▶ PROBLEM DESCRIPTION:
Write out each record exactly as given, but do not include the pictures.

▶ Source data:
□ □ □

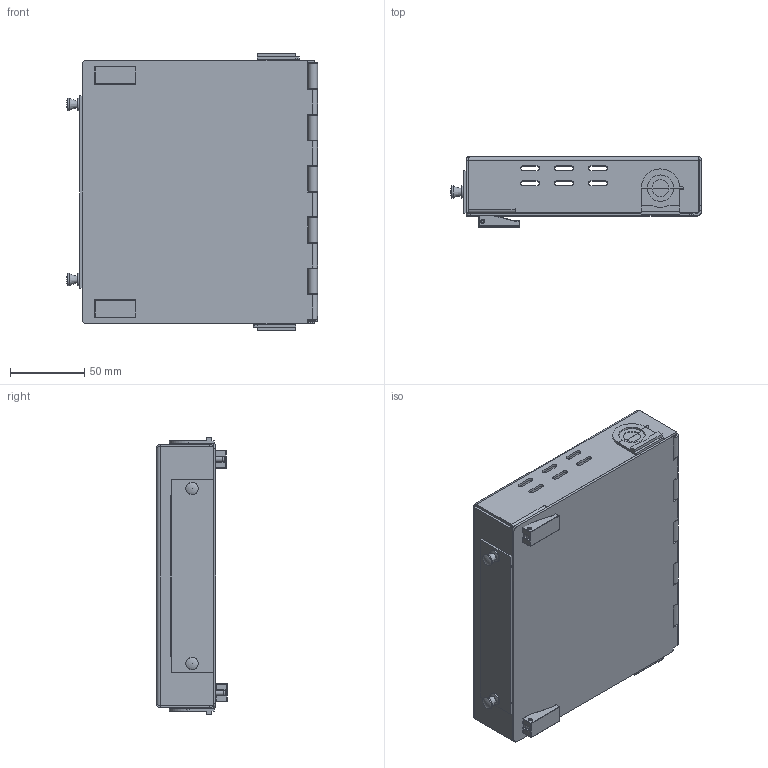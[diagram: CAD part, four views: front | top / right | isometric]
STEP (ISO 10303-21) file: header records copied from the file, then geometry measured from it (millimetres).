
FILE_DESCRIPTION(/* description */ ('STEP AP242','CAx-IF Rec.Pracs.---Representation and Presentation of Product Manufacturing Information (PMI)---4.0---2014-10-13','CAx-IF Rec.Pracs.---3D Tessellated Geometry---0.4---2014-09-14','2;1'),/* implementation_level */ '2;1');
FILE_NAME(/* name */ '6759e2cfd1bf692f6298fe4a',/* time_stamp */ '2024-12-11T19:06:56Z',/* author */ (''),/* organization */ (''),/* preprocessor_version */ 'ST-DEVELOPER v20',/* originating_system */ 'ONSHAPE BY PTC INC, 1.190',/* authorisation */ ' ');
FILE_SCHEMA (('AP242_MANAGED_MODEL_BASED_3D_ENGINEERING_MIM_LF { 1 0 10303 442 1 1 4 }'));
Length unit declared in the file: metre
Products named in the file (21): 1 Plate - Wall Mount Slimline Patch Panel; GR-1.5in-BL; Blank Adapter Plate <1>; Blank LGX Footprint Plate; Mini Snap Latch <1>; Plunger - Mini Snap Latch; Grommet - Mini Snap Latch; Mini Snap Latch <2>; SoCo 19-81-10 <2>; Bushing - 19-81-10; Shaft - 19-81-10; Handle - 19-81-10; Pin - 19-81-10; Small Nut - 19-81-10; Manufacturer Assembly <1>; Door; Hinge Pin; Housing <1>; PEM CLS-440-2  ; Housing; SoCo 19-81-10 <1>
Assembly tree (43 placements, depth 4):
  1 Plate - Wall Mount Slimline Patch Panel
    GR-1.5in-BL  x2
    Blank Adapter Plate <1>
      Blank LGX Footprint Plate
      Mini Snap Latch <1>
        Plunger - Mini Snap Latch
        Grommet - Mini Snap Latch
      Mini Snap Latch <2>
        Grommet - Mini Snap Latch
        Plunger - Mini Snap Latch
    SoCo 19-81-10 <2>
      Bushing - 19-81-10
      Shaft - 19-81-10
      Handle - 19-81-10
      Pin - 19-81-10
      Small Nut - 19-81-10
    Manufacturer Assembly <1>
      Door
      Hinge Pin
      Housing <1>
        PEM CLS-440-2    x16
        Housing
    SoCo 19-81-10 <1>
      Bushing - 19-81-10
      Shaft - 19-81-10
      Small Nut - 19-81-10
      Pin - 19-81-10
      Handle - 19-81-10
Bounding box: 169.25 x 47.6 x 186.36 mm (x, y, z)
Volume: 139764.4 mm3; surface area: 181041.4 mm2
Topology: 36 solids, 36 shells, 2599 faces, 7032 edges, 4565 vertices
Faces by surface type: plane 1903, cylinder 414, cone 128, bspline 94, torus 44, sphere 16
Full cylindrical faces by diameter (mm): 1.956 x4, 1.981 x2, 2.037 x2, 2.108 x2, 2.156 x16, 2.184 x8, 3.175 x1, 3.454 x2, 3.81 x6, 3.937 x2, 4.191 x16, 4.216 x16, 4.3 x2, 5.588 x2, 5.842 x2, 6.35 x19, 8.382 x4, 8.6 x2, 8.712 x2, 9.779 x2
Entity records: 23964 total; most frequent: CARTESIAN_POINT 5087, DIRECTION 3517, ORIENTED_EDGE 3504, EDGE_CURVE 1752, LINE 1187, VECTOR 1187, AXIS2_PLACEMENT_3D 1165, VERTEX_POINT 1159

□ □ □

▶ RESULT OF THE TASK:
[diagram: CAD part, four views: front | top / right | isometric]
STEP (ISO 10303-21) file: header records copied from the file, then geometry measured from it (millimetres).
FILE_DESCRIPTION(/* description */ ('STEP AP242','CAx-IF Rec.Pracs.---Representation and Presentation of Product Manufacturing Information (PMI)---4.0---2014-10-13','CAx-IF Rec.Pracs.---3D Tessellated Geometry---0.4---2014-09-14','2;1'),/* implementation_level */ '2;1');
FILE_NAME(/* name */ '6759e2cfd1bf692f6298fe4a',/* time_stamp */ '2024-12-11T19:06:56Z',/* author */ (''),/* organization */ (''),/* preprocessor_version */ 'ST-DEVELOPER v20',/* originating_system */ 'ONSHAPE BY PTC INC, 1.190',/* authorisation */ ' ');
FILE_SCHEMA (('AP242_MANAGED_MODEL_BASED_3D_ENGINEERING_MIM_LF { 1 0 10303 442 1 1 4 }'));
Length unit declared in the file: metre
Products named in the file (21): 1 Plate - Wall Mount Slimline Patch Panel; GR-1.5in-BL; Blank Adapter Plate <1>; Blank LGX Footprint Plate; Mini Snap Latch <1>; Plunger - Mini Snap Latch; Grommet - Mini Snap Latch; Mini Snap Latch <2>; SoCo 19-81-10 <2>; Bushing - 19-81-10; Shaft - 19-81-10; Handle - 19-81-10; Pin - 19-81-10; Small Nut - 19-81-10; Manufacturer Assembly <1>; Door; Hinge Pin; Housing <1>; PEM CLS-440-2  ; Housing; SoCo 19-81-10 <1>
Assembly tree (43 placements, depth 4):
  1 Plate - Wall Mount Slimline Patch Panel
    GR-1.5in-BL  x2
    Blank Adapter Plate <1>
      Blank LGX Footprint Plate
      Mini Snap Latch <1>
        Plunger - Mini Snap Latch
        Grommet - Mini Snap Latch
      Mini Snap Latch <2>
        Grommet - Mini Snap Latch
        Plunger - Mini Snap Latch
    SoCo 19-81-10 <2>
      Bushing - 19-81-10
      Shaft - 19-81-10
      Handle - 19-81-10
      Pin - 19-81-10
      Small Nut - 19-81-10
    Manufacturer Assembly <1>
      Door
      Hinge Pin
      Housing <1>
        PEM CLS-440-2    x16
        Housing
    SoCo 19-81-10 <1>
      Bushing - 19-81-10
      Shaft - 19-81-10
      Small Nut - 19-81-10
      Pin - 19-81-10
      Handle - 19-81-10
Bounding box: 169.25 x 47.6 x 186.36 mm (x, y, z)
Volume: 139764.4 mm3; surface area: 181041.4 mm2
Topology: 36 solids, 36 shells, 2599 faces, 7032 edges, 4565 vertices
Faces by surface type: plane 1903, cylinder 414, cone 128, bspline 94, torus 44, sphere 16
Full cylindrical faces by diameter (mm): 1.956 x4, 1.981 x2, 2.037 x2, 2.108 x2, 2.156 x16, 2.184 x8, 3.175 x1, 3.454 x2, 3.81 x6, 3.937 x2, 4.191 x16, 4.216 x16, 4.3 x2, 5.588 x2, 5.842 x2, 6.35 x19, 8.382 x4, 8.6 x2, 8.712 x2, 9.779 x2
Entity records: 23964 total; most frequent: CARTESIAN_POINT 5087, DIRECTION 3517, ORIENTED_EDGE 3504, EDGE_CURVE 1752, LINE 1187, VECTOR 1187, AXIS2_PLACEMENT_3D 1165, VERTEX_POINT 1159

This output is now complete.